Discuss in your groups whether you suspect this process is CPU bound, I/O bound, memory bound, or network bound. 

How would you figure it out for sure?

Why would you want to know?



## Bonus Exercise: Count the number of polygons

Once you have established your workflow in using a notebook, executing your code in a `.py` script will save you time in the future, especially if you intend to run your workflow again and again on new input data, which is the case for the ice wedge polygon dataset! Additionally, scripts are a more common way to share code with collaborators since they have simple formatting on the backend, and are easier to handle with GitHub. 

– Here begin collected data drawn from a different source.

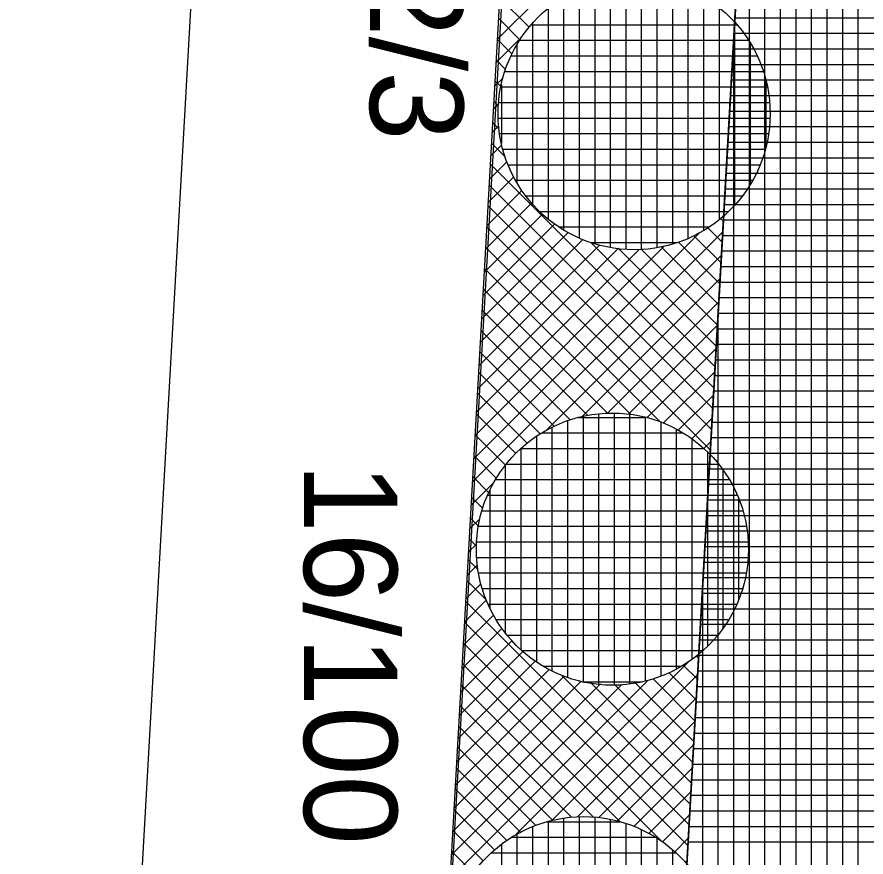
# Model space of a CAD drawing. Extents: x -565346 to -564154, y -1097386 to -1095620.
# Drawn here: x -564309.21 to -564298.29, y -1097260.58 to -1097249.78 of the extents above; entities that cross this region are included whole.
import ezdxf

# ---------------------------------------------------------------- set-up
doc = ezdxf.new("R2010")
doc.units = 0
for name, color, linetype in [('Vrstva 1', 7, 'Continuous'), ('Vrstva 40', 7, 'Continuous'), ('Vrstva 41', 7, 'Continuous'), ('Vrstva 42', 7, 'Continuous'), ('Vrstva 43', 7, 'Continuous'), ('Vrstva 44', 7, 'Continuous')]:
    doc.layers.add(name, color=color, linetype=linetype)

msp = doc.modelspace()

# ---------------------------------------------------------------- linework, layer by layer
at = {"layer": 'Vrstva 1'}
for p, q in [((-564307.09, -1097322.09), (-564296.5, -1097135.53)), ((-564305.71, -1097227.33), (-564309.21, -1097289.05))]:
    msp.add_line(p, q, dxfattribs=at)
at = {"layer": 'Vrstva 41'}
msp.add_lwpolyline([(-564307.383, -1097332.191), (-564304.399, -1097332.838), (-564304.096, -1097322.37), (-564303.226, -1097307.04), (-564296.016, -1097180.02), (-564294.347, -1097150.646), (-564297.42, -1097150.37), (-564307.09, -1097322.09)], close=True, dxfattribs=at)
at = {"layer": 'Vrstva 42'}
for p, q in [((-564299.809, -1097246.845), (-564303.034, -1097250.071)), ((-564303.004, -1097249.529), (-564302.621, -1097249.911)), ((-564303.019, -1097249.796), (-564302.741, -1097250.074)), ((-564299.979, -1097249.844), (-564299.981, -1097249.846)), ((-564302.716, -1097250.035), (-564303.051, -1097250.37)), ((-564303.034, -1097250.064), (-564302.844, -1097250.254)), ((-564303.049, -1097250.332), (-564302.927, -1097250.454)), ((-564302.959, -1097250.561), (-564303.068, -1097250.67)), ((-564303.064, -1097250.6), (-564302.988, -1097250.675)), ((-564303.017, -1097250.902), (-564303.085, -1097250.97)), ((-564303.079, -1097250.867), (-564303.019, -1097250.928)), ((-564303.094, -1097251.135), (-564303.012, -1097251.217)), ((-564303.015, -1097251.183), (-564303.102, -1097251.27)), ((-564302.976, -1097251.426), (-564303.119, -1097251.569)), ((-564303.109, -1097251.403), (-564302.932, -1097251.58)), ((-564302.909, -1097251.642), (-564303.136, -1097251.869)), ((-564303.125, -1097251.671), (-564300.246, -1097254.549)), ((-564302.821, -1097251.837), (-564303.153, -1097252.169)), ((-564303.14, -1097251.938), (-564300.262, -1097254.816)), ((-564302.715, -1097252.014), (-564303.169, -1097252.468)), ((-564302.592, -1097252.173), (-564303.186, -1097252.768)), ((-564303.155, -1097252.206), (-564300.277, -1097255.084)), ((-564302.452, -1097252.317), (-564303.203, -1097253.068)), ((-564300.161, -1097252.371), (-564300.125, -1097252.408)), ((-564302.297, -1097252.444), (-564303.22, -1097253.368)), ((-564303.17, -1097252.474), (-564300.292, -1097255.352)), ((-564300.133, -1097252.543), (-564303.355, -1097255.765)), ((-564300.427, -1097252.554), (-564303.338, -1097255.466)), ((-564302.123, -1097252.553), (-564303.237, -1097253.667)), ((-564300.504, -1097252.594), (-564300.155, -1097252.943)), ((-564300.324, -1097252.491), (-564300.14, -1097252.675)), ((-564301.931, -1097252.644), (-564303.254, -1097253.967)), ((-564301.83, -1097252.682), (-564300.231, -1097254.281)), ((-564300.704, -1097252.677), (-564300.17, -1097253.211)), ((-564300.885, -1097252.729), (-564303.321, -1097255.166)), ((-564301.209, -1097252.77), (-564303.304, -1097254.866)), ((-564301.474, -1097252.753), (-564303.288, -1097254.566)), ((-564301.718, -1097252.714), (-564303.271, -1097254.267)), ((-564303.185, -1097252.742), (-564300.938, -1097254.988)), ((-564301.477, -1097252.753), (-564300.216, -1097254.013)), ((-564301.178, -1097252.769), (-564300.201, -1097253.746)), ((-564300.925, -1097252.738), (-564300.186, -1097253.478)), ((-564300.15, -1097252.843), (-564302.4, -1097255.093)), ((-564303.2, -1097253.01), (-564301.317, -1097254.892)), ((-564300.167, -1097253.143), (-564301.943, -1097254.919)), ((-564303.215, -1097253.277), (-564301.615, -1097254.877)), ((-564300.184, -1097253.442), (-564301.619, -1097254.878)), ((-564303.23, -1097253.545), (-564301.87, -1097254.905)), ((-564300.201, -1097253.742), (-564301.346, -1097254.888)), ((-564303.245, -1097253.813), (-564302.097, -1097254.961)), ((-564303.26, -1097254.081), (-564302.299, -1097255.042)), ((-564300.218, -1097254.042), (-564301.109, -1097254.934)), ((-564300.235, -1097254.342), (-564300.897, -1097255.004)), ((-564303.275, -1097254.348), (-564302.482, -1097255.142)), ((-564303.29, -1097254.616), (-564302.647, -1097255.26)), ((-564300.252, -1097254.642), (-564300.705, -1097255.095)), ((-564303.305, -1097254.884), (-564302.795, -1097255.394)), ((-564300.269, -1097254.942), (-564300.531, -1097255.204)), ((-564303.321, -1097255.152), (-564302.928, -1097255.544)), ((-564300.286, -1097255.242), (-564300.376, -1097255.331)), ((-564303.336, -1097255.419), (-564303.045, -1097255.71)), ((-564303.351, -1097255.687), (-564303.144, -1097255.894)), ((-564303.085, -1097255.778), (-564303.372, -1097256.065)), ((-564303.366, -1097255.955), (-564303.222, -1097256.098)), ((-564303.259, -1097256.235), (-564303.389, -1097256.365)), ((-564303.381, -1097256.223), (-564303.276, -1097256.327)), ((-564303.396, -1097256.49), (-564303.302, -1097256.585)), ((-564303.3, -1097256.559), (-564303.406, -1097256.664)), ((-564303.29, -1097256.832), (-564303.423, -1097256.964)), ((-564303.411, -1097256.758), (-564303.282, -1097256.888)), ((-564303.244, -1097257.069), (-564303.439, -1097257.264)), ((-564303.426, -1097257.026), (-564303.176, -1097257.276)), ((-564303.174, -1097257.281), (-564303.456, -1097257.564)), ((-564303.441, -1097257.294), (-564300.565, -1097260.169)), ((-564303.083, -1097257.473), (-564303.473, -1097257.863)), ((-564303.456, -1097257.562), (-564300.581, -1097260.437)), ((-564302.974, -1097257.647), (-564303.49, -1097258.163)), ((-564302.847, -1097257.802), (-564303.507, -1097258.463)), ((-564303.471, -1097257.829), (-564300.917, -1097260.384)), ((-564302.703, -1097257.942), (-564303.524, -1097258.763)), ((-564300.474, -1097257.998), (-564300.444, -1097258.028)), ((-564302.544, -1097258.065), (-564303.541, -1097259.062)), ((-564303.486, -1097258.097), (-564301.452, -1097260.131)), ((-564300.564, -1097258.065), (-564302.794, -1097260.296)), ((-564300.64, -1097258.115), (-564300.459, -1097258.296)), ((-564302.172, -1097258.259), (-564303.574, -1097259.662)), ((-564302.367, -1097258.171), (-564303.558, -1097259.362)), ((-564300.456, -1097258.24), (-564302.329, -1097260.113)), ((-564302.206, -1097258.246), (-564300.55, -1097259.902)), ((-564300.824, -1097258.214), (-564300.474, -1097258.564)), ((-564301.09, -1097258.309), (-564303.642, -1097260.861)), ((-564301.432, -1097258.367), (-564303.625, -1097260.561)), ((-564301.705, -1097258.358), (-564303.608, -1097260.261)), ((-564301.956, -1097258.326), (-564303.591, -1097259.961)), ((-564303.501, -1097258.365), (-564301.795, -1097260.071)), ((-564301.823, -1097258.346), (-564300.535, -1097259.634)), ((-564301.515, -1097258.372), (-564300.52, -1097259.366)), ((-564301.257, -1097258.346), (-564300.505, -1097259.099)), ((-564301.028, -1097258.292), (-564300.49, -1097258.831)), ((-564300.473, -1097258.54), (-564302.001, -1097260.068)), ((-564303.517, -1097258.633), (-564302.077, -1097260.072)), ((-564303.532, -1097258.9), (-564302.321, -1097260.111)), ((-564300.49, -1097258.84), (-564301.726, -1097260.076)), ((-564300.507, -1097259.14), (-564301.489, -1097260.121)), ((-564303.547, -1097259.168), (-564302.537, -1097260.177)), ((-564303.562, -1097259.436), (-564302.733, -1097260.264)), ((-564300.524, -1097259.44), (-564301.275, -1097260.191)), ((-564303.577, -1097259.704), (-564302.91, -1097260.37)), ((-564300.541, -1097259.74), (-564301.082, -1097260.281)), ((-564303.592, -1097259.971), (-564303.07, -1097260.493)), ((-564300.558, -1097260.039), (-564300.908, -1097260.389)), ((-564303.607, -1097260.239), (-564303.214, -1097260.633)), ((-564300.575, -1097260.339), (-564300.751, -1097260.516)), ((-564303.622, -1097260.507), (-564303.342, -1097260.787))]:
    msp.add_line(p, q, dxfattribs=at)
at = {"layer": 'Vrstva 43'}
for p, q in [((-564298.39, -1097324.789), (-564298.39, -1097221.859)), ((-564298.59, -1097325.166), (-564298.59, -1097225.382)), ((-564298.79, -1097325.542), (-564298.79, -1097228.905)), ((-564298.99, -1097325.918), (-564298.99, -1097232.427)), ((-564299.19, -1097326.294), (-564299.19, -1097235.95)), ((-564299.39, -1097326.67), (-564299.39, -1097239.473)), ((-564299.59, -1097327.047), (-564299.59, -1097242.996)), ((-564299.79, -1097327.423), (-564299.79, -1097246.519)), ((-564299.976, -1097249.79), (-564292.965, -1097249.79)), ((-564299.99, -1097327.799), (-564299.99, -1097250.041)), ((-564299.987, -1097249.99), (-564292.976, -1097249.99)), ((-564299.998, -1097250.19), (-564292.988, -1097250.19)), ((-564300.01, -1097250.39), (-564292.999, -1097250.39)), ((-564300.021, -1097250.59), (-564293.01, -1097250.59)), ((-564300.033, -1097250.79), (-564293.022, -1097250.79)), ((-564300.044, -1097250.99), (-564293.033, -1097250.99)), ((-564300.055, -1097251.19), (-564293.044, -1097251.19)), ((-564300.067, -1097251.39), (-564293.056, -1097251.39)), ((-564300.078, -1097251.59), (-564293.067, -1097251.59)), ((-564300.089, -1097251.79), (-564293.079, -1097251.79)), ((-564300.101, -1097251.99), (-564293.09, -1097251.99)), ((-564300.112, -1097252.19), (-564293.101, -1097252.19)), ((-564300.123, -1097252.39), (-564293.113, -1097252.39)), ((-564300.135, -1097252.59), (-564293.124, -1097252.59)), ((-564300.146, -1097252.79), (-564293.135, -1097252.79)), ((-564300.157, -1097252.99), (-564293.147, -1097252.99)), ((-564300.169, -1097253.19), (-564293.158, -1097253.19)), ((-564300.18, -1097253.39), (-564293.169, -1097253.39)), ((-564300.19, -1097328.175), (-564300.19, -1097253.564)), ((-564300.191, -1097253.59), (-564293.181, -1097253.59)), ((-564300.203, -1097253.79), (-564293.192, -1097253.79)), ((-564300.214, -1097253.99), (-564293.203, -1097253.99)), ((-564300.226, -1097254.19), (-564293.215, -1097254.19)), ((-564300.237, -1097254.39), (-564293.226, -1097254.39)), ((-564300.248, -1097254.59), (-564293.237, -1097254.59)), ((-564300.26, -1097254.79), (-564293.249, -1097254.79)), ((-564300.271, -1097254.99), (-564293.26, -1097254.99)), ((-564300.282, -1097255.19), (-564293.272, -1097255.19)), ((-564300.294, -1097255.39), (-564293.283, -1097255.39)), ((-564300.305, -1097255.59), (-564293.294, -1097255.59)), ((-564300.316, -1097255.79), (-564293.306, -1097255.79)), ((-564300.328, -1097255.99), (-564293.317, -1097255.99)), ((-564300.339, -1097256.19), (-564293.328, -1097256.19)), ((-564300.35, -1097256.39), (-564293.34, -1097256.39)), ((-564300.362, -1097256.59), (-564293.351, -1097256.59)), ((-564300.373, -1097256.79), (-564293.362, -1097256.79)), ((-564300.384, -1097256.99), (-564293.374, -1097256.99)), ((-564300.39, -1097328.551), (-564300.39, -1097257.087)), ((-564300.396, -1097257.19), (-564293.385, -1097257.19)), ((-564300.407, -1097257.39), (-564293.396, -1097257.39)), ((-564300.419, -1097257.59), (-564293.408, -1097257.59)), ((-564300.43, -1097257.79), (-564293.419, -1097257.79)), ((-564300.441, -1097257.99), (-564293.43, -1097257.99)), ((-564300.453, -1097258.19), (-564293.442, -1097258.19)), ((-564300.464, -1097258.39), (-564293.453, -1097258.39)), ((-564300.475, -1097258.59), (-564293.464, -1097258.59)), ((-564300.487, -1097258.79), (-564293.476, -1097258.79)), ((-564300.498, -1097258.99), (-564293.487, -1097258.99)), ((-564300.509, -1097259.19), (-564293.499, -1097259.19)), ((-564300.521, -1097259.39), (-564293.51, -1097259.39)), ((-564300.532, -1097259.59), (-564293.521, -1097259.59)), ((-564300.543, -1097259.79), (-564293.533, -1097259.79)), ((-564300.555, -1097259.99), (-564293.544, -1097259.99)), ((-564300.566, -1097260.19), (-564293.555, -1097260.19)), ((-564300.578, -1097260.39), (-564293.567, -1097260.39))]:
    msp.add_line(p, q, dxfattribs=at)
msp.add_lwpolyline([(-564283.37, -1096906.18), (-564284.87, -1096930.83), (-564282.373, -1096930.972), (-564294.286, -1097140.634), (-564296.782, -1097140.492), (-564297.42, -1097150.37), (-564294.347, -1097150.646), (-564303.226, -1097307.04), (-564304.096, -1097322.37), (-564304.399, -1097332.838), (-564302.848, -1097333.175), (-564297.082, -1097322.329), (-564293.197, -1097253.877), (-564289.027, -1097180.417), (-564287.358, -1097151.043), (-564285.364, -1097151.156), (-564284.798, -1097141.172), (-564286.791, -1097141.059), (-564274.888, -1096931.397), (-564272.899, -1096931.51), (-564271.475, -1096906.55)], dxfattribs=at)
at = {"layer": 'Vrstva 44'}
for p, q in [((-564301.58, -1097249.301), (-564301.58, -1097252.745)), ((-564301.38, -1097249.279), (-564301.38, -1097252.769)), ((-564301.18, -1097249.279), (-564301.18, -1097252.771)), ((-564300.98, -1097249.301), (-564300.98, -1097252.749)), ((-564301.98, -1097249.426), (-564301.98, -1097252.623)), ((-564301.78, -1097249.351), (-564301.78, -1097252.698)), ((-564300.78, -1097249.346), (-564300.78, -1097252.702)), ((-564300.58, -1097249.418), (-564300.58, -1097252.629)), ((-564302.18, -1097249.529), (-564302.18, -1097252.519)), ((-564300.38, -1097249.521), (-564300.38, -1097252.528)), ((-564302.38, -1097249.671), (-564302.38, -1097252.378)), ((-564300.18, -1097249.658), (-564300.18, -1097252.389)), ((-564302.58, -1097249.861), (-564302.58, -1097252.186)), ((-564299.98, -1097249.848), (-564299.98, -1097252.203)), ((-564302.596, -1097249.88), (-564299.95, -1097249.88)), ((-564302.744, -1097250.08), (-564299.801, -1097250.08)), ((-564302.78, -1097250.135), (-564302.78, -1097251.912)), ((-564299.78, -1097250.115), (-564299.78, -1097251.937)), ((-564302.857, -1097250.28), (-564299.691, -1097250.28)), ((-564302.934, -1097250.48), (-564299.61, -1097250.48)), ((-564299.58, -1097250.588), (-564299.58, -1097251.466)), ((-564302.987, -1097250.68), (-564299.558, -1097250.68)), ((-564302.98, -1097250.647), (-564302.98, -1097251.405)), ((-564303.015, -1097250.88), (-564299.531, -1097250.88)), ((-564303.021, -1097251.08), (-564299.526, -1097251.08)), ((-564303.003, -1097251.28), (-564299.543, -1097251.28)), ((-564302.961, -1097251.48), (-564299.584, -1097251.48)), ((-564302.893, -1097251.68), (-564299.652, -1097251.68)), ((-564302.799, -1097251.88), (-564299.749, -1097251.88)), ((-564302.666, -1097252.08), (-564299.878, -1097252.08)), ((-564302.491, -1097252.28), (-564300.057, -1097252.28)), ((-564302.242, -1097252.48), (-564300.305, -1097252.48)), ((-564301.833, -1097252.68), (-564300.712, -1097252.68)), ((-564301.73, -1097254.885), (-564301.73, -1097258.364)), ((-564301.53, -1097254.874), (-564301.53, -1097258.372)), ((-564301.33, -1097254.89), (-564301.33, -1097258.358)), ((-564302.13, -1097254.974), (-564302.13, -1097258.274)), ((-564301.985, -1097254.93), (-564301.121, -1097254.93)), ((-564301.93, -1097254.918), (-564301.93, -1097258.333)), ((-564301.13, -1097254.928), (-564301.13, -1097258.321)), ((-564300.93, -1097254.99), (-564300.93, -1097258.259)), ((-564302.33, -1097255.057), (-564302.33, -1097258.19)), ((-564300.73, -1097255.08), (-564300.73, -1097258.167)), ((-564302.53, -1097255.175), (-564302.53, -1097258.074)), ((-564302.461, -1097255.13), (-564300.645, -1097255.13)), ((-564300.53, -1097255.206), (-564300.53, -1097258.043)), ((-564302.73, -1097255.331), (-564302.73, -1097257.916)), ((-564302.728, -1097255.33), (-564300.377, -1097255.33)), ((-564300.33, -1097255.372), (-564300.33, -1097257.874)), ((-564302.915, -1097255.53), (-564300.188, -1097255.53)), ((-564302.93, -1097255.549), (-564302.93, -1097257.7)), ((-564300.13, -1097255.606), (-564300.13, -1097257.642)), ((-564303.056, -1097255.73), (-564300.05, -1097255.73)), ((-564303.13, -1097255.869), (-564303.13, -1097257.377)), ((-564303.156, -1097255.93), (-564299.946, -1097255.93)), ((-564299.93, -1097255.971), (-564299.93, -1097257.277)), ((-564303.229, -1097256.13), (-564299.875, -1097256.13)), ((-564303.276, -1097256.33), (-564299.829, -1097256.33)), ((-564303.299, -1097256.53), (-564299.806, -1097256.53)), ((-564303.297, -1097256.73), (-564299.806, -1097256.73)), ((-564303.273, -1097256.93), (-564299.83, -1097256.93)), ((-564303.225, -1097257.13), (-564299.878, -1097257.13)), ((-564303.153, -1097257.33), (-564299.953, -1097257.33)), ((-564303.047, -1097257.53), (-564300.055, -1097257.53)), ((-564302.906, -1097257.73), (-564300.198, -1097257.73)), ((-564302.714, -1097257.93), (-564300.388, -1097257.93)), ((-564302.44, -1097258.13), (-564300.662, -1097258.13)), ((-564301.941, -1097258.33), (-564301.17, -1097258.33)), ((-564302.397, -1097260.13), (-564301.453, -1097260.13)), ((-564302.38, -1097260.126), (-564302.38, -1097263.502)), ((-564302.18, -1097260.085), (-564302.18, -1097263.544)), ((-564301.98, -1097260.067), (-564301.98, -1097263.563)), ((-564301.78, -1097260.072), (-564301.78, -1097263.557)), ((-564301.58, -1097260.099), (-564301.58, -1097263.528)), ((-564302.58, -1097260.194), (-564302.58, -1097263.436)), ((-564301.38, -1097260.151), (-564301.38, -1097263.476)), ((-564301.18, -1097260.232), (-564301.18, -1097263.398)), ((-564302.849, -1097260.33), (-564300.998, -1097260.33)), ((-564302.78, -1097260.291), (-564302.78, -1097263.337)), ((-564300.98, -1097260.341), (-564300.98, -1097263.287)), ((-564302.98, -1097260.421), (-564302.98, -1097263.207)), ((-564303.111, -1097260.53), (-564300.736, -1097260.53)), ((-564300.78, -1097260.491), (-564300.78, -1097263.138))]:
    msp.add_line(p, q, dxfattribs=at)
for centre in [(-564301.273, -1097251.024), (-564301.552, -1097256.624), (-564301.922, -1097261.814)]:
    msp.add_circle(centre, 1.75, dxfattribs=at)

# ---------------------------------------------------------------- texts
at = {"layer": 'Vrstva 40'}
for s, p in [('2/3', (-564304.67, -1097249.14)), ('16/100', (-564305.52, -1097255.52))]:
    msp.add_text(s, height=1.2, rotation=270, dxfattribs=at).set_placement(p)

doc.saveas('drawing.dxf')

Instead of executing the same code we just ran in this notebook, let's use a script to explore the data we just produced. Using the command we learned earlier (`find group-project/staged -type f | wc -l`) we can check the number of output files. There should be 454. Each of those is a GeoPackage that contains many polygons and their attributes. 1 polygon = 1 row. 

1. Create a blank script in your `scalable-computing-course` with the `touch` command: `touch count_polygons.py`
2. At the top of the script, import the packages you'll need:
```python
import geopandas as gpd
from grouputils import initialize_stager
```
3. Create a loop that counts the total number of polygons in the staged files. Add in any other code you like to explore the polygon attributes.
4. Run your script with the command `python count_polygons.py`. Make sure your environment is activated in the terminal first.

A great command line tool for running long scripts on servers is `tmux`, which will continue running the script even if your connection to the server is disconnected! It also frees you up to do other work on the server while that chugs away in the background.